I think the broader discussion really is to what degree does one revere the “hand made” element of a tailored suit. Understand, this is in no way a subsidized excuse for poor workmanship. But, it is more so an overall appreciation for the charm, nuances, and subtleties that distinguish “mass produced hand made” from “one-off hand made”.

Here is a test – go to your local retailer that sells a RTW stitched lapel suit. Try and find one stitch or spacing that looks unique. Good chance you may spend some time to find it. 

On the record, these suits are certainly better made than the standard entry level fused suit. However, for me these suits lack character and subtleties I find in suits made locally and by smaller operation. The “human element” comes alive in Spiro’s suits and for many people like myself this is a sober relief in the world of gentlemen fashion where “mass produced faux bespoke” is creeping up. 

So, do Spiro’s suit convey the charm, subtleties and undercurrents that in fact a “human made this suit” yes. Have I experienced slipshod workmanship on any of my suits – unequivocally no. If I did would Spiro likely do something about – posthaste I suspect. Would my suit still look like a “human made it”? It better or I am going somewhere else!

Mike in T.O.


----------



## lawgman

Mike,

I assure you my question is genuine. I too enjoy supporting small businesses and local tailors. I have used 3 different tailors (for 5 suits total) in Toronto with varying degrees of success. The only common thread is that all of these tailors charge under $1000 and none of these tailors provide a true bespoke suit (i.e. creating an individualized paper pattern). For suits in the $700-$1000 range I don't expect perfection.
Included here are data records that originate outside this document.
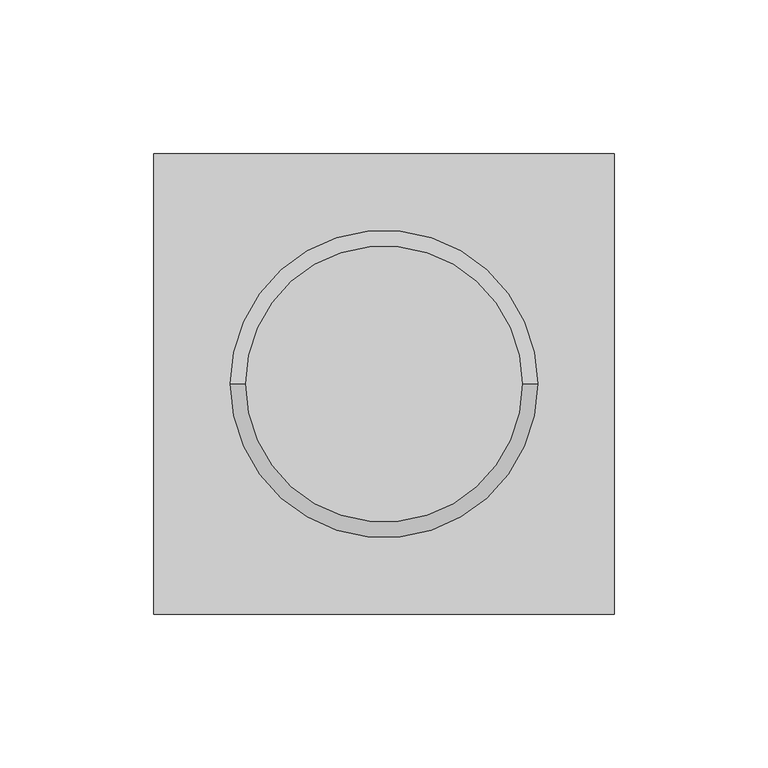
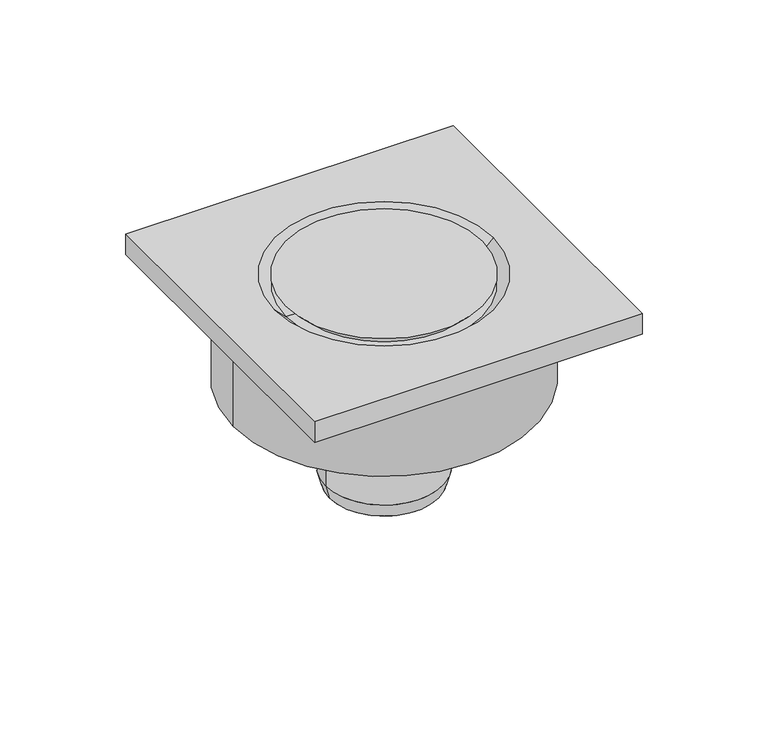
"""IFC4 building model written with IfcOpenShell, lengths in millimetres: proxy geometry, ADSK_ППР_Трап вертикальный : С гидрозатвором 150х150 D50."""

from ifc_helpers import new_model, si_unit, point, frame, origin, origin_2d, place, context, project, spatial, polyline, circle_curve, trimmed, segment, composite_curve, outline, extrude, source, transform, mapped, element, save
from ifc_brep_helpers import plane_surface, cylinder_surface, revolved_surface, advanced_brep


def mechanical_equipment_0a55fdc8(model_context):
    return source(origin(), model_context, "Body", "SolidModel", [
        advanced_brep(
        [(25.0, 0.0, -50.6689111), (-25.0, 0.0, -50.6689111), (-25.0, 0.0, -100.0), (25.0, 0.0, -100.0), (26.75, 0.0, -50.6689111), (-26.75, 0.0, -50.6689111), (26.75, 0.0, -55.6689111), (-26.75, 0.0, -55.6689111), (30.8, 0.0, -55.6689111), (-30.8, 0.0, -55.6689111), (30.8, 0.0, -63.4689111), (-30.8, 0.0, -63.4689111), (26.75, 0.0, -63.4689111), (-26.75, 0.0, -63.4689111), (26.75, 0.0, -93.4689111), (-26.75, 0.0, -93.4689111)],
        [
            (0, 1, circle_curve(frame((0.0, 0.0, -50.6689111), z_axis=(0.0, 0.0, 1.0), x_axis=(-1.0, 0.0, 0.0)), 25.0)),
            (1, 2),
            (2, 3, circle_curve(frame((0.0, 0.0, -100.0), z_axis=(0.0, 0.0, -1.0), x_axis=(-1.0, 0.0, 0.0)), 25.0)),
            (3, 0),
            (1, 0, circle_curve(frame((0.0, 0.0, -50.6689111), z_axis=(0.0, 0.0, 1.0), x_axis=(-1.0, 0.0, 0.0)), 25.0)),
            (3, 2, circle_curve(frame((0.0, 0.0, -100.0), z_axis=(0.0, 0.0, -1.0), x_axis=(-1.0, 0.0, 0.0)), 25.0)),
            (4, 5, circle_curve(frame((0.0, 0.0, -50.6689111), z_axis=(0.0, 0.0, 1.0), x_axis=(-1.0, 0.0, 0.0)), 26.75)),
            (5, 1),
            (0, 4),
            (5, 4, circle_curve(frame((0.0, 0.0, -50.6689111), z_axis=(0.0, 0.0, 1.0), x_axis=(-1.0, 0.0, 0.0)), 26.75)),
            (6, 7, circle_curve(frame((0.0, 0.0, -55.6689111), z_axis=(0.0, 0.0, 1.0), x_axis=(-1.0, 0.0, 0.0)), 26.75)),
            (7, 5),
            (4, 6),
            (7, 6, circle_curve(frame((0.0, 0.0, -55.6689111), z_axis=(0.0, 0.0, 1.0), x_axis=(-1.0, 0.0, 0.0)), 26.75)),
            (8, 9, circle_curve(frame((0.0, 0.0, -55.6689111), z_axis=(0.0, 0.0, 1.0), x_axis=(-1.0, 0.0, 0.0)), 30.8)),
            (9, 7),
            (6, 8),
            (9, 8, circle_curve(frame((0.0, 0.0, -55.6689111), z_axis=(0.0, 0.0, 1.0), x_axis=(-1.0, 0.0, 0.0)), 30.8)),
            (10, 11, circle_curve(frame((0.0, 0.0, -63.4689111), z_axis=(0.0, 0.0, 1.0), x_axis=(-1.0, 0.0, 0.0)), 30.8)),
            (11, 9),
            (8, 10),
            (11, 10, circle_curve(frame((0.0, 0.0, -63.4689111), z_axis=(0.0, 0.0, 1.0), x_axis=(-1.0, 0.0, 0.0)), 30.8)),
            (12, 13, circle_curve(frame((0.0, 0.0, -63.4689111), z_axis=(0.0, 0.0, 1.0), x_axis=(-1.0, 0.0, 0.0)), 26.75)),
            (13, 11),
            (10, 12),
            (13, 12, circle_curve(frame((0.0, 0.0, -63.4689111), z_axis=(0.0, 0.0, 1.0), x_axis=(-1.0, 0.0, 0.0)), 26.75)),
            (14, 15, circle_curve(frame((0.0, 0.0, -93.4689111), z_axis=(0.0, 0.0, 1.0), x_axis=(-1.0, 0.0, 0.0)), 26.75)),
            (15, 13),
            (12, 14),
            (15, 14, circle_curve(frame((0.0, 0.0, -93.4689111), z_axis=(0.0, 0.0, 1.0), x_axis=(-1.0, 0.0, 0.0)), 26.75)),
            (2, 15),
            (14, 3),
        ],
        [
            revolved_surface(polyline([(-25.0, 0.0, -100.0), (-25.0, 0.0, -50.6689111)]), (0.0, 0.0, -100.0), (0.0, 0.0, -1.0)),
            plane_surface(frame((0.0, 0.0, -50.6689111), z_axis=(0.0, 0.0, 1.0), x_axis=(-1.0, 0.0, 0.0))),
            cylinder_surface(frame((0.0, 0.0, -100.0), z_axis=(0.0, 0.0, -1.0), x_axis=(-1.0, 0.0, 0.0)), 26.75),
            plane_surface(frame((0.0, 0.0, -55.6689111), z_axis=(0.0, 0.0, 1.0), x_axis=(-1.0, 0.0, 0.0))),
            cylinder_surface(frame((0.0, 0.0, -100.0), z_axis=(0.0, 0.0, -1.0), x_axis=(-1.0, 0.0, 0.0)), 30.8),
            plane_surface(frame((0.0, 0.0, -63.4689111), z_axis=(0.0, 0.0, -1.0), x_axis=(-1.0, 0.0, 0.0))),
            revolved_surface(polyline([(-26.75, 0.0, -93.4689111), (-25.0, 0.0, -100.0)]), (0.0, 0.0, -100.0), (0.0, 0.0, -1.0)),
        ],
        [
            (0, [[1, 2, 3, 4]]),
            (0, [[5, -4, 6, -2]]),
            (1, [[7, 8, -1, 9]]),
            (1, [[10, -9, -5, -8]]),
            (2, [[11, 12, -7, 13]]),
            (2, [[14, -13, -10, -12]]),
            (3, [[15, 16, -11, 17]]),
            (3, [[18, -17, -14, -16]]),
            (4, [[19, 20, -15, 21]]),
            (4, [[22, -21, -18, -20]]),
            (5, [[23, 24, -19, 25]]),
            (5, [[26, -25, -22, -24]]),
            (2, [[27, 28, -23, 29]]),
            (2, [[30, -29, -26, -28]]),
            (6, [[-3, 31, -27, 32]]),
            (6, [[-6, -32, -30, -31]]),
        ],
    ),
        extrude(outline(composite_curve([segment(trimmed(circle_curve(origin_2d(), 25.0), [point((-25.0, 0.0))], [point((25.0, 0.0))], False, "CARTESIAN"), True, "CONTINUOUS"), segment(trimmed(circle_curve(origin_2d(), 25.0), [point((25.0, 0.0))], [point((-25.0, 0.0))], False, "CARTESIAN"), True, "CONTINUOUS")], self_intersect=False)), frame((0.0, 0.0, -100.0), z_axis=(0.0, 0.0, 1.0), x_axis=(1.0, 0.0, 0.0)), (0.0, 0.0, 1.0), 50.0),
        extrude(outline(composite_curve([segment(trimmed(circle_curve(origin_2d(), 69.0), [point((-69.0, 0.0))], [point((69.0, 0.0))], False, "CARTESIAN"), True, "CONTINUOUS"), segment(trimmed(circle_curve(origin_2d(), 69.0), [point((69.0, 0.0))], [point((-69.0, 0.0))], False, "CARTESIAN"), True, "CONTINUOUS")], self_intersect=False)), frame((0.0, 0.0, -50.0), z_axis=(0.0, 0.0, 1.0), x_axis=(1.0, 0.0, 0.0)), (0.0, 0.0, 1.0), 40.0),
        advanced_brep(
        [(75.0, 75.0, 0.0), (-75.0, 75.0, 0.0), (-75.0, -75.0, 0.0), (75.0, -75.0, 0.0), (-50.0, 0.0, 0.0), (50.0, 0.0, 0.0), (45.0, 0.0, 0.0), (-45.0, 0.0, 0.0), (75.0, 75.0, -10.0), (75.0, -75.0, -10.0), (-75.0, -75.0, -10.0), (-75.0, 75.0, -10.0), (45.0, 0.0, -5.0), (-45.0, 0.0, -5.0), (-40.0, 0.0, -5.0), (40.0, 0.0, -5.0)],
        [
            (0, 1),
            (1, 2),
            (2, 3),
            (3, 0),
            (4, 5, circle_curve(frame((0.0, 0.0, 0.0), z_axis=(0.0, 0.0, -1.0), x_axis=(-1.0, 0.0, 0.0)), 50.0)),
            (5, 4, circle_curve(frame((0.0, 0.0, 0.0), z_axis=(0.0, 0.0, -1.0), x_axis=(-1.0, 0.0, 0.0)), 50.0)),
            (6, 7, circle_curve(frame((0.0, 0.0, 0.0), z_axis=(0.0, 0.0, 1.0), x_axis=(-1.0, 0.0, 0.0)), 45.0)),
            (7, 6, circle_curve(frame((0.0, 0.0, 0.0), z_axis=(0.0, 0.0, 1.0), x_axis=(-1.0, 0.0, 0.0)), 45.0)),
            (8, 9),
            (9, 10),
            (10, 11),
            (11, 8),
            (0, 8),
            (11, 1),
            (10, 2),
            (9, 3),
            (12, 5),
            (4, 13),
            (13, 12, circle_curve(frame((0.0, 0.0, -5.0), z_axis=(0.0, 0.0, -1.0), x_axis=(-1.0, 0.0, 0.0)), 45.0)),
            (12, 13, circle_curve(frame((0.0, 0.0, -5.0), z_axis=(0.0, 0.0, -1.0), x_axis=(-1.0, 0.0, 0.0)), 45.0)),
            (13, 14),
            (14, 15, circle_curve(frame((0.0, 0.0, -5.0), z_axis=(0.0, 0.0, -1.0), x_axis=(-1.0, 0.0, 0.0)), 40.0)),
            (15, 12),
            (15, 14, circle_curve(frame((0.0, 0.0, -5.0), z_axis=(0.0, 0.0, -1.0), x_axis=(-1.0, 0.0, 0.0)), 40.0)),
            (14, 7),
            (6, 15),
        ],
        [
            plane_surface(frame((-75.0, 75.0, 0.0), z_axis=(0.0, 0.0, 1.0), x_axis=(-1.0, 0.0, 0.0))),
            plane_surface(frame((-75.0, 75.0, -10.0), z_axis=(0.0, 0.0, -1.0), x_axis=(1.0, 0.0, 0.0))),
            plane_surface(frame((75.0, 75.0, 0.0), z_axis=(0.0, 1.0, 0.0), x_axis=(0.0, 0.0, -1.0))),
            plane_surface(frame((-75.0, 75.0, 0.0), z_axis=(-1.0, 0.0, 0.0), x_axis=(0.0, 0.0, -1.0))),
            plane_surface(frame((-75.0, -75.0, 0.0), z_axis=(0.0, -1.0, 0.0), x_axis=(0.0, 0.0, -1.0))),
            plane_surface(frame((75.0, -75.0, 0.0), z_axis=(1.0, 0.0, 0.0), x_axis=(0.0, 0.0, -1.0))),
            revolved_surface(polyline([(-45.0, 0.0, -5.0), (-50.0, 0.0, 0.0)]), (0.0, 0.0, 0.0), (0.0, 0.0, -1.0)),
            plane_surface(frame((0.0, 0.0, -5.0), z_axis=(0.0, 0.0, 1.0), x_axis=(-1.0, 0.0, 0.0))),
            revolved_surface(polyline([(-45.0, 0.0, 0.0), (-40.0, 0.0, -5.0)]), (0.0, 0.0, 0.0), (0.0, 0.0, -1.0)),
        ],
        [
            (0, [[1, 2, 3, 4], [5, 6]]),
            (0, [[7, 8]]),
            (1, [[9, 10, 11, 12]]),
            (2, [[-1, 13, -12, 14]]),
            (3, [[-2, -14, -11, 15]]),
            (4, [[-3, -15, -10, 16]]),
            (5, [[-4, -16, -9, -13]]),
            (6, [[17, -5, 18, 19]]),
            (6, [[-17, 20, -18, -6]]),
            (7, [[-19, 21, 22, 23]]),
            (7, [[-20, -23, 24, -21]]),
            (8, [[-22, 25, -7, 26]]),
            (8, [[-24, -26, -8, -25]]),
        ],
    ),
    ])


if __name__ == "__main__":
    model = new_model("IFC4")
    model_context = context("Model", 3, world=origin())
    ifc_project = project(units=[si_unit("LENGTHUNIT", "METRE", prefix="MILLI")], contexts=[model_context])
    site = spatial("IfcSite", under=ifc_project)
    building = spatial("IfcBuilding", under=site)
    placement = place(None, origin())
    mechanical_equipment_shape = mechanical_equipment_0a55fdc8(model_context)
    element("IfcBuildingElementProxy", 1, Name="ADSK_ППР_Трап вертикальный : С гидрозатвором 150х150 D50", ObjectType="ADSK_ППР_Трап вертикальный : С гидрозатвором 150х150 D50", at=placement, inside=building, context=model_context, shape_type="MappedRepresentation", body=[
        mapped(mechanical_equipment_shape, transform((0.0, 0.0, 0.0), x_axis=(1.0, 0.0, 0.0), y_axis=(0.0, 1.0, 0.0), z_axis=(0.0, 0.0, 1.0))),
    ])
    save(model, "model.ifc")

# Revit data of these elements
# Project information
#   Название организации = "Наименование организации"
#   Описание организации = "Описание организации"
#   Наименование здания = "Наименование здания"
#   Заказчик = "Заказчик"
#   Адрес проекта = "Адрес проекта"
#   Наименование проекта = "Наименование проекта"
# Type "ADSK_ППР_Трап вертикальный : С гидрозатвором 150х150 D50"
#   ADSK_Наименование = "Трап с гидрозатвором вертикальный 150х150 D50"
#   ADSK_Масса_Текст = ""
#   ADSK_Марка = ""
#   ADSK_Код изделия = ""
#   ADSK_Завод-изготовитель = ""
#   ADSK_Единица измерения = "шт."
#   ADSK_Версия семейства = "1.0"
#   ADSK_Версия Revit = "2021"
#   УГО_Размер = 110.719 mm
#   Размер решетки = 150 mm
#   s1 = 45 mm
#   s = 50 mm
#   L1 = 50 mm
#   L = 100 mm
#   D2 = 138 mm
#   D = 50 mm
#   ADSK_Масса = 0.172
#   ADSK_Количество = 1
#   Показать раструб трубы [instance default] = yes
#   ADSK_Материал = RGB_RAL 9010
#   Default Elevation = 0
# Element 1 (IfcBuildingElementProxy, "ADSK_ППР_Трап вертикальный : С гидрозатвором 150х150 D50")
#   Materials on its faces: "RGB_RAL 9010", "Полипропилен серый"
# Materials
#   "RGB_RAL 9010": class "Типовые", colour RGB 241 236 225, transparency 0, Cost = 0
#   "Полипропилен серый": class "Типовые", colour RGB 128 128 128, transparency 0, Cost = 0

The one tailor that outsources to Spiros outsources at least the finishing of the jacket to him and his crew. How do I know? A tag in the pocket indicates such. It is my understanding that good hand pic stitching should be so subtle that it is barely visible to the eye. The pic stitching on the 2 suits that I know are outsourced to him is very obvious and visible to the eye. This does not make the suits bad, I was just wondering what your experience was. Of course it is possible that the contract sewing services offered by Spiros to other tailors is done by his employees and not him.

The degree of hand sewing from each tailor I have used is different. My most recent tailor uses the sewing machine a little bit in attaching the canvas to the lapels. My other tailors did not. But, the recent tailor's hand finishing of the lapels and buttonholes is impeccible so I am sure I will try him again. (see: https://askandyaboutclothes.com/community/showthread.php?t=58748&highlight=toronto)

Given your glowing reviews, I will probably get around to visiting Spiros sometime in the future.


----------



## speck

Does anyone know if the annual sale has started, and when it runs until? Thanks!


----------



## Mike In T.O.

speck said:


> Does anyone know if the annual sale has started, and when it runs until? Thanks!


Yes, Spiros' annual sale is once again being held. It runs until February 28th, 2007 and from my experience in the last couple of years things really start to get busy around this time too. This also reminds me that I had better get in there soon myself!!!

I got an email the other day from a fellow Ask Andy'er saying that he visited in December and is having a few suits/jackets being made for him. I hope he posts a review when he takes delivery.

I received their annual "Holiday Card" announcing the sale. Here are the particulars for this year's sale:
One suit $850 / Two Suits $1600
Sports Jackets w/Pants $850
Blazers w/Pants $850.

I think you have to agree the value is truly outstanding and from all of my experience the quality is top-notch!

If you have any questions call them and ask for either Spiro or Roula @ 416-466-6646.

Don't forget to tell them you read about it on Ask Andy's too!!!

Mike in T.O.


----------



## Mike In T.O.

*31st Anniversay Sale on Now!*

For all ye faithful (and for those new) - I just received my holiday card from Spiros yesterday. The card is also used to announce his Anniversary Sale every year. For those interested the sale runs from now until Feb 28/08.

It appears that Spiros has held over their pricing from last year which is nice to see (details below).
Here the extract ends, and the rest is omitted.